Abstract: Effective communication is essential for achieving successful outcomes across a wide range of healthcare settings, including mental health counseling and long-term patient care. Conversational artificial intelligence (AI) holds immense potential to enhance this communication by improving accessibility, delivering consistent support, and assisting care providers in offering tailored, high-quality responses. However, current AI systems face significant challenges in this domain, particularly due to the complex, sensitive, and multimodal nature of healthcare interactions.

One of the primary challenges lies in the privacy-sensitive context of healthcare, which limits access to annotated datasets and contributes to data scarcity. This limitation makes it difficult to train robust models, especially in specialized domains. Additionally, a large portion of healthcare communication occurs through spoken language, making it crucial to accurately capture the rich and nuanced information embedded in the speech modality. Modeling structured expert behavior further complicates the task, as it requires understanding subtle conversational dynamics and emulating provider expertise.
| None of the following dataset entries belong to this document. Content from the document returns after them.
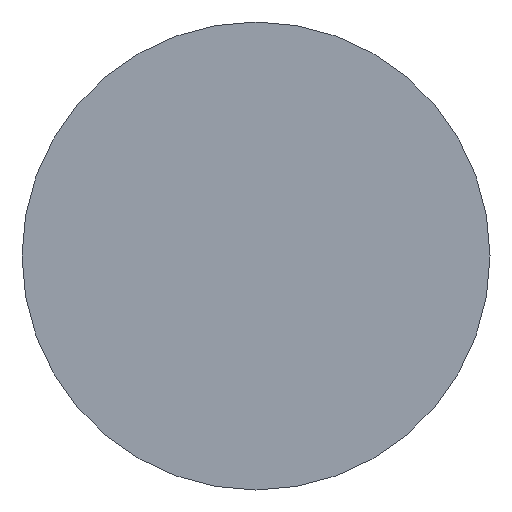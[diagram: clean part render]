
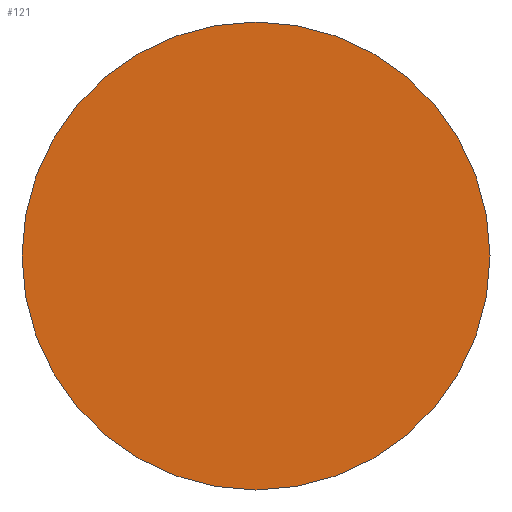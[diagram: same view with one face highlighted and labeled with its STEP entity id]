
A CAD part, left-side view. The second image highlights one B-rep face of the part: STEP entity #121.
In plain terms, the highlighted planar face has unit normal (-1, 0, 0).
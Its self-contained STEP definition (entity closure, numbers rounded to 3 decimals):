
#6 = EDGE_CURVE ( 'NONE', #122, #159, #24, .T. ) ;
#13 = CARTESIAN_POINT ( 'NONE',  ( 0., 0., 0. ) ) ;
#19 = DIRECTION ( 'NONE',  ( 0., 0., -1. ) ) ;
#24 = CIRCLE ( 'NONE', #157, 45. ) ;
#31 = CARTESIAN_POINT ( 'NONE',  ( 0., 0., 45. ) ) ;
#33 = PLANE ( 'NONE',  #139 ) ;
#34 = DIRECTION ( 'NONE',  ( 0., 0., -1. ) ) ;
#47 = DIRECTION ( 'NONE',  ( 0., 0., -1. ) ) ;
#55 = CIRCLE ( 'NONE', #94, 45. ) ;
#69 = CARTESIAN_POINT ( 'NONE',  ( 0., 0., 0. ) ) ;
#81 = DIRECTION ( 'NONE',  ( 1., 0., 0. ) ) ;
#82 = CARTESIAN_POINT ( 'NONE',  ( 0., 0., 0. ) ) ;
#88 = EDGE_CURVE ( 'NONE', #159, #122, #55, .T. ) ;
#92 = FACE_OUTER_BOUND ( 'NONE', #115, .T. ) ;
#94 = AXIS2_PLACEMENT_3D ( 'NONE', #69, #81, #47 ) ;
#114 = DIRECTION ( 'NONE',  ( 1., 0., 0. ) ) ;
#115 = EDGE_LOOP ( 'NONE', ( #160, #138 ) ) ;
#121 = ADVANCED_FACE ( 'NONE', ( #92 ), #33, .F. ) ;
#122 = VERTEX_POINT ( 'NONE', #31 ) ;
#138 = ORIENTED_EDGE ( 'NONE', *, *, #88, .F. ) ;
#139 = AXIS2_PLACEMENT_3D ( 'NONE', #82, #148, #34 ) ;
#148 = DIRECTION ( 'NONE',  ( 1., 0., 0. ) ) ;
#157 = AXIS2_PLACEMENT_3D ( 'NONE', #13, #114, #19 ) ;
#159 = VERTEX_POINT ( 'NONE', #172 ) ;
#160 = ORIENTED_EDGE ( 'NONE', *, *, #6, .F. ) ;
#172 = CARTESIAN_POINT ( 'NONE',  ( 0., 0., -45. ) ) ;

This thesis introduces a cohesive framework to address these challenges and advance conversational AI for healthcare communication. To combat data scarcity, it proposes methods that leverage unlabeled data through dialog-aware pretraining and context augmentation, improving model adaptability in domain-specific scenarios. For better speech integration, the work explores automatic speech recognition evaluation and speech-augmented counseling models that incorporate paralinguistic features, ensuring that the full spectrum of speech-based signals is used effectively.

To support conversations with diverse and sometimes competing objectives, the thesis introduces template-based reflective rewriting and dynamic optimization frameworks. These approaches enable systems to adapt in real time while remaining aligned with structured clinical goals. Additionally, tools for analyzing healthcare dialogues, such as models for counselor reflection scoring and multi-step strategy induction, provide actionable insights to support practitioner training and performance evaluation.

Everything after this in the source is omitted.